If you mean the safety rated input to the drive then yes. If it is not a safety rated input then it could be a safety concern, what category is the hazard?


----------



## Hippie (May 12, 2011)

How are the drives triggered on? If you're set up with 2/3 wire control remote that circuit can be run thru a 4 pole cube relay (1 pole for each drive) that will handle the estop circuit and stop the drives when needed but will not cut power from the drive


----------



## Hippie (May 12, 2011)

I think I may have misread and thought 4 drives. Still the theory is the same


----------



## John Valdes (May 17, 2007)

Sounds like time to write an SOP concerning the use of the doors. I am thinking you have CNC machines and they (operators) are opening the doors each time the machine is done with a part or when the part needs human attention. Is this correct? If so, you need to change the way the drives are wired. Or change how the operators do their job.
Or both.
Let the doors use the stop function instead of the E-Stop function. I cannot understand why they are opening doors instead of turning off the machine first. I would get that straightened out FIRST. Servos stop and start all the time. This is normal. Is the machine designed to use the doors to stop the machine?
I have seen machines where the doors will not open unless the machine is in stop mode. This is harder to do, but very effective.
A sign at the door stating "Do Not Open Doors With Machine Running" might work?

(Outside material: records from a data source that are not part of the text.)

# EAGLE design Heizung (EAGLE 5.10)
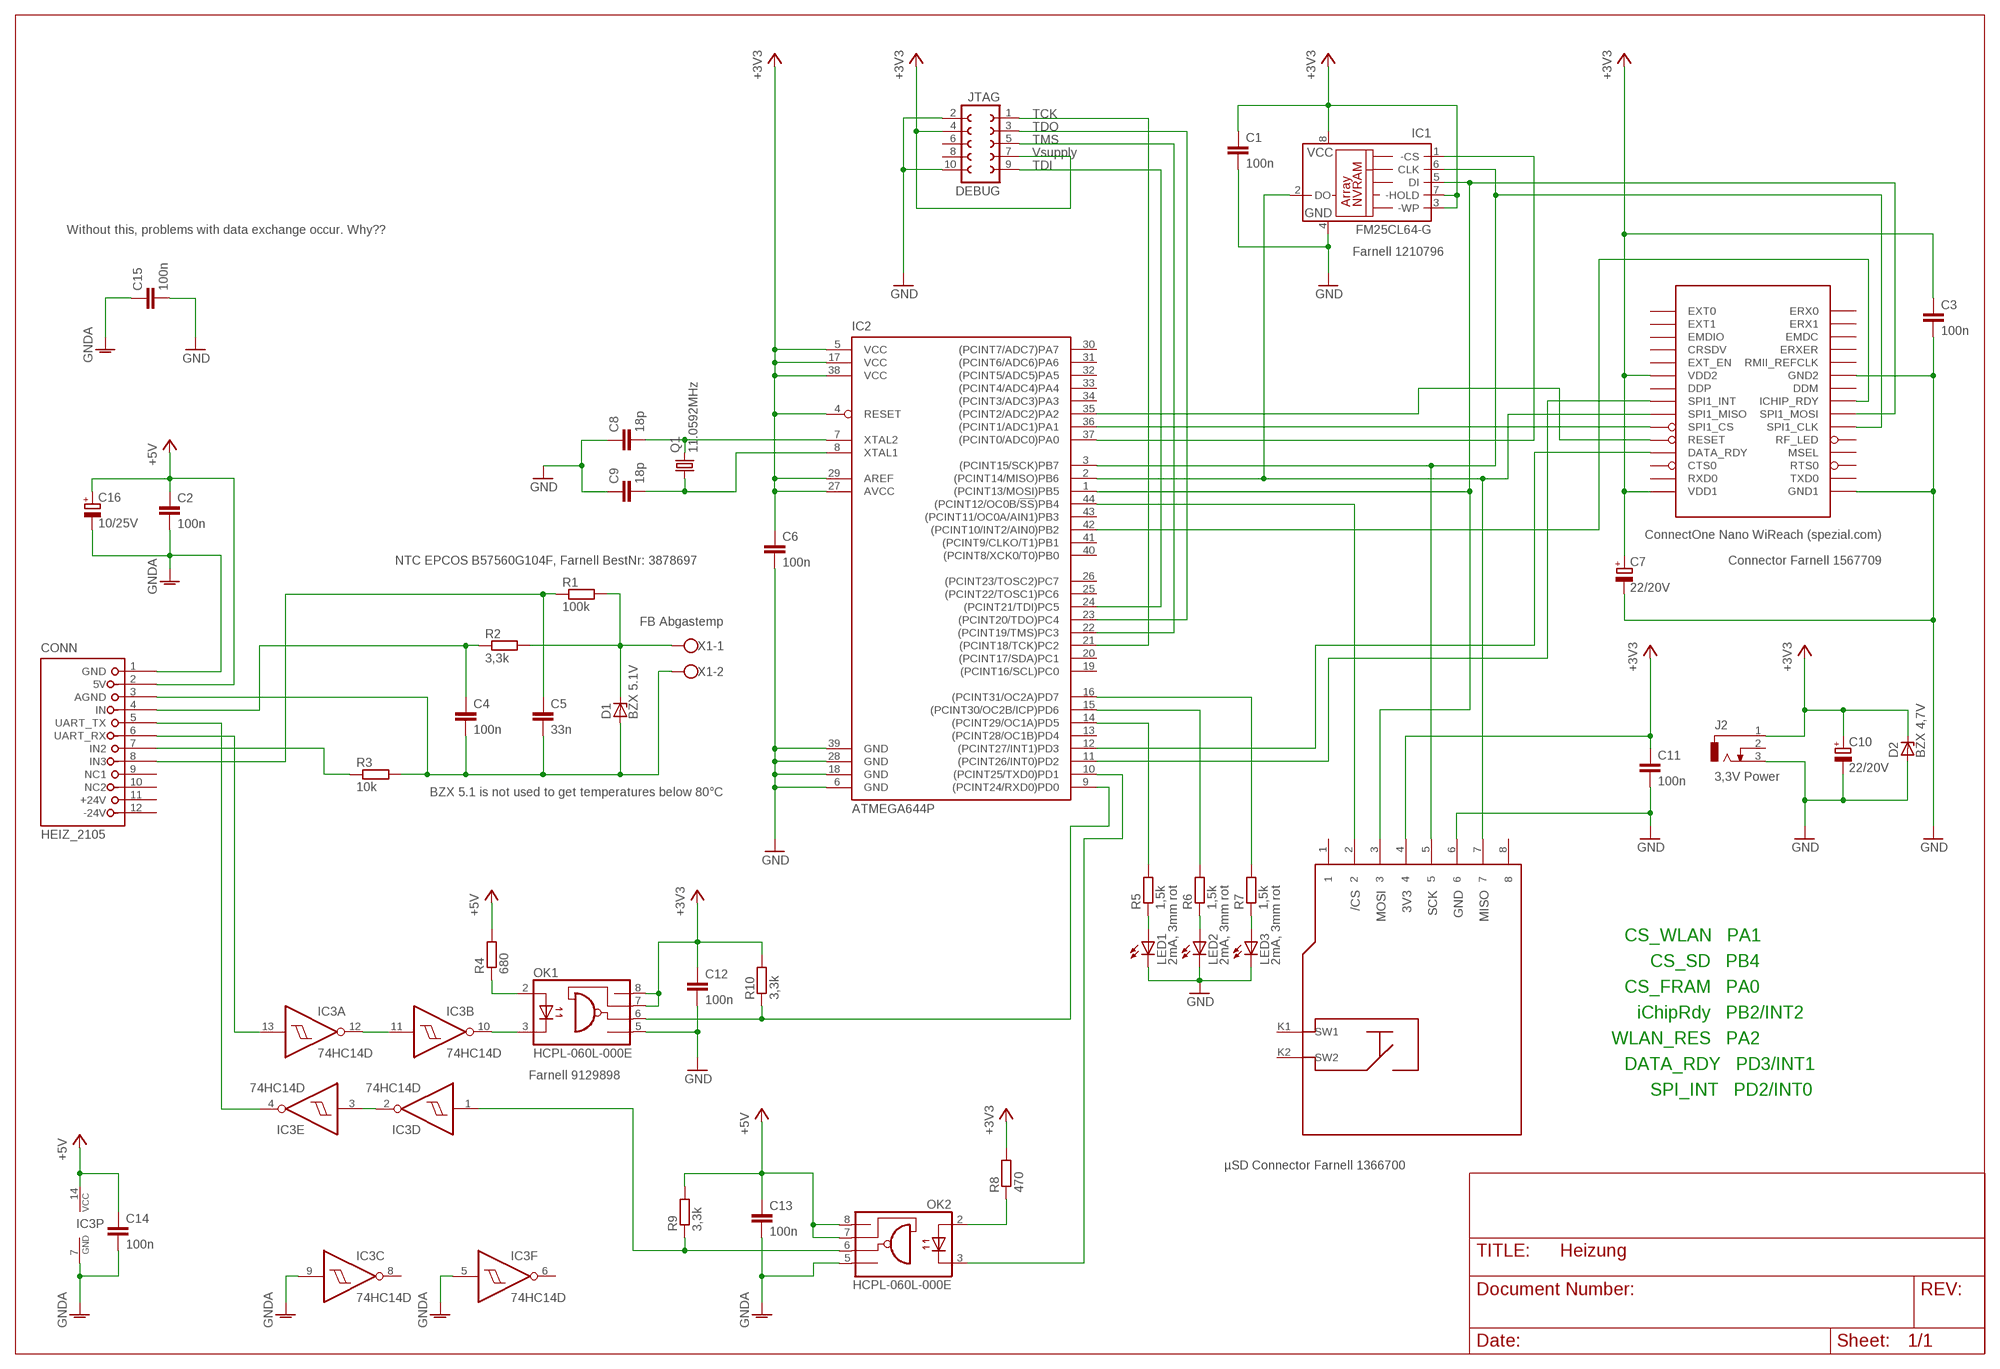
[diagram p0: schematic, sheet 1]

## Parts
C1  100n  C-EUC1206  [C1206]
C2  100n  C-EUC1206  [C1206]
C3  100n  C-EUC1206  [C1206]
C4  100n  C-EUC1206  [C1206]
C5  33n  C-EUC0805K  [C0805K]
C6  100n  C-EUC1206  [C1206]
C7  22/20V  CPOL-EUD/7343-31W  [D/7343-31W]
C8  18p  C-EUC0805K  [C0805K]
C9  18p  C-EUC0805K  [C0805K]
C10  22/20V  CPOL-EUD/7343-31W  [D/7343-31W]
C11  100n  C-EUC1206  [C1206]
C12  100n  C-EUC1206  [C1206]
C13  100n  C-EUC1206  [C1206]
C14  100n  C-EUC1206  [C1206]
C15  100n  C-EUC1206  [C1206]
C16  10/25V  CPOL-EUD/7343-31W  [D/7343-31W]
CONN  HEIZ_2105  [2105HEIZ]
D1  BZX 5.1V  ZENER-DIODEZD-10  [ZDIO-10]
D2  BZX 4,7V  ZENER-DIODEZD-10  [ZDIO-10]
DEBUG  JTAG  FE05-2  [FE05-2]
IC1  FM25CL64-G  FM25-S  [SO8]
IC2  ATMEGA644P  ATMEGA644A  [TQFP44]
IC3  74HC14D  [SO14]
J2  3,3V Power  DCJ0303  [DCJ0303]
LED1  2mA, 3mm rot  LED3MM  [LED3MM]
LED2  2mA, 3mm rot  LED3MM  [LED3MM]
LED3  2mA, 3mm rot  LED3MM  [LED3MM]
OK1  HCPL-060L-000E  HCPL0600  [SOIC08]
OK2  HCPL-060L-000E  HCPL0600  [SOIC08]
Q1  11.0592MHz  CRYSTALHC49UP  [HC49UP]
R1  100k  R-EU_M0805  [M0805]
R2  3,3k  R-EU_M0805  [M0805]
R3  10k  R-EU_M1206  [M1206]
R4  680  R-EU_M0805  [M0805]
R5  1,5k  R-EU_M0805  [M0805]
R6  1,5k  R-EU_M0805  [M0805]
R7  1,5k  R-EU_M0805  [M0805]
R8  470  R-EU_M0805  [M0805]
R9  3,3k  R-EU_M0805  [M0805]
R10  3,3k  R-EU_M0805  [M0805]
U$1  NANOWIBREAKOUT  [MOLEX2]
X1  FB Abgastemp  W237-102  [W237-102]
X2  MICRO-SD  [MICRO-SD]

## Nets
+3V3: C1.1 C3.1 C6.1 C7.+ C10.+ C11.1 C12.1 D2.C DEBUG.4 DEBUG.7 IC1.3(-WP) IC1.7(-HOLD) IC1.8(VCC) IC2.4(RESET) IC2.5(VCC) IC2.17(VCC) IC2.27(AVCC) IC2.29(AREF) IC2.38(VCC) J2.1 OK1.7(VE) OK1.8(VCC) R8.2 R10.2 U$1.P1VDD(VDD1) U$1.PVDD2(VDD2) X2.4
+5V: C2.1 C13.1 C14.1 C16.+ CONN.2(5V) IC3.14(P:VCC) OK2.7(VE) OK2.8(VCC) R4.2 R9.2
GND: C1.2 C3.2 C6.2 C7.- C8.1 C9.1 C10.- C11.2 C12.2 C15.2 D2.A DEBUG.2 DEBUG.10 IC1.4(GND) IC2.6(GND) IC2.18(GND) IC2.28(GND) IC2.39(GND) J2.3 LED1.K(C) LED2.K(C) LED3.K(C) OK1.5(GND) U$1.P2GND(GND2) U$1.PGND1(GND1) X2.6
GNDA: C2.2 C13.2 C14.2 C15.1 C16.- CONN.1(GND) IC3.5(F:I) IC3.7(P:GND) IC3.9(C:I) OK2.5(GND)
N$1: IC2.36((PCINT1/ADC1)PA1) U$1.PSPI_CS(SPI1_CS)
N$2: IC2.42((PCINT10/INT2/AIN0)PB2) U$1.PICHIP_RDY(ICHIP_RDY)
N$3: IC2.44((PCINT12/OC0B/!SS!)PB4) X2.2
N$4: IC2.12((PCINT27/INT1)PD3) U$1.PDATA_RDY(DATA_RDY)
N$5: IC1.2(DO) IC2.2((PCINT14/MISO)PB6) U$1.PSPI_MISO(SPI1_MISO) X2.7
N$6: IC1.5(DI) IC2.1((PCINT13/MOSI)PB5) U$1.PMOSI(SPI1_MOSI) X2.3
N$7: DEBUG.1 IC2.21((PCINT18/TCK)PC2)
N$8: DEBUG.5 IC2.22((PCINT19/TMS)PC3)
N$9: DEBUG.9 IC2.24((PCINT21/TDI)PC5)
N$10: DEBUG.3 IC2.23((PCINT20/TDO)PC4)
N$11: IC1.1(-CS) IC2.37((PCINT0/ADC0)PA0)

If your servos do not like to stop and start many times a day. It sounds like the product is not up to your standards.
Why not call the manufacturer or the distributor? They can help. If they cannot help I hate that you bought that equipment.


----------



## varmit (Apr 19, 2009)

The e-stops and guard doors are not NORMALLY required to initiate a "lockout " level safety condition. The e-stop string should only stop motion. I would rewire the e-stop string to be an enable input to the drives. If necessary, you can always have e-stop "zones" where opening a guard only drops out the moving equipment accessible from that particular access point.

I agree with John Valdes: There is some less than ideal operation procedures going on here.


----------



## michiganman (Oct 3, 2011)

The machine is at home and stopped 99% of the time when doors are opened. Looking at the best way to do this. Thanks


----------



## John Valdes (May 17, 2007)

michiganman said:


> The machine is at home and stopped 99% of the time when doors are opened. Looking at the best way to do this. Thanks


You are making no sense. At home? "And stopped 99% of the time when not opened"? I have no idea. :whistling2:


----------



## Netree (Sep 3, 2011)

I think he means only rarely are the doors opened when the machine is running. In this case, the doors switches could be wired in series with the stop control (terminal 1) on the drive at each station.


----------



## JRaef (Mar 23, 2009)

The "Safe Torque Off" input to the 40P will provide you with at least SIL2, it may even be SIL3 (I'm waiting for confirmation from a resource) without the need for another safety relay. So it could well be that you can, *if someone has determined that SIL2 (or SIL3) is appropriate*, wire the door switches to the VFD and then use the E-Stop safety circuit to do the power-off function and drop out the isolation contactors only when someone hits one of those buttons. That's the purpose of that feature.


----------



## michiganman (Oct 3, 2011)

Thanks, I will find out more info and post. Thanks again


----------



## RIVETER (Sep 26, 2009)

michiganman said:


> the guard doors now are wired up the same as the 3 estops, the estops themselves might be pushed once a week, the gaurd doors are opened thousand times a day, the vfds are completely powered down and back up each time, causing the vfd's to fail, looking at ways to prolong vfd life
> thanks


Do you not have "dynamic" braking resistors installed protecting the VFD"s?


----------



## oliquir (Jan 13, 2011)

i have worked on several cnc and none of them cut power to vfd when doors are opened, some of them locks the doors while machine is in operation and you have to stop it before it opens (for increased safety you could put a contactor in series with output of vfd but vfd must be stopped before contactor is opened)


----------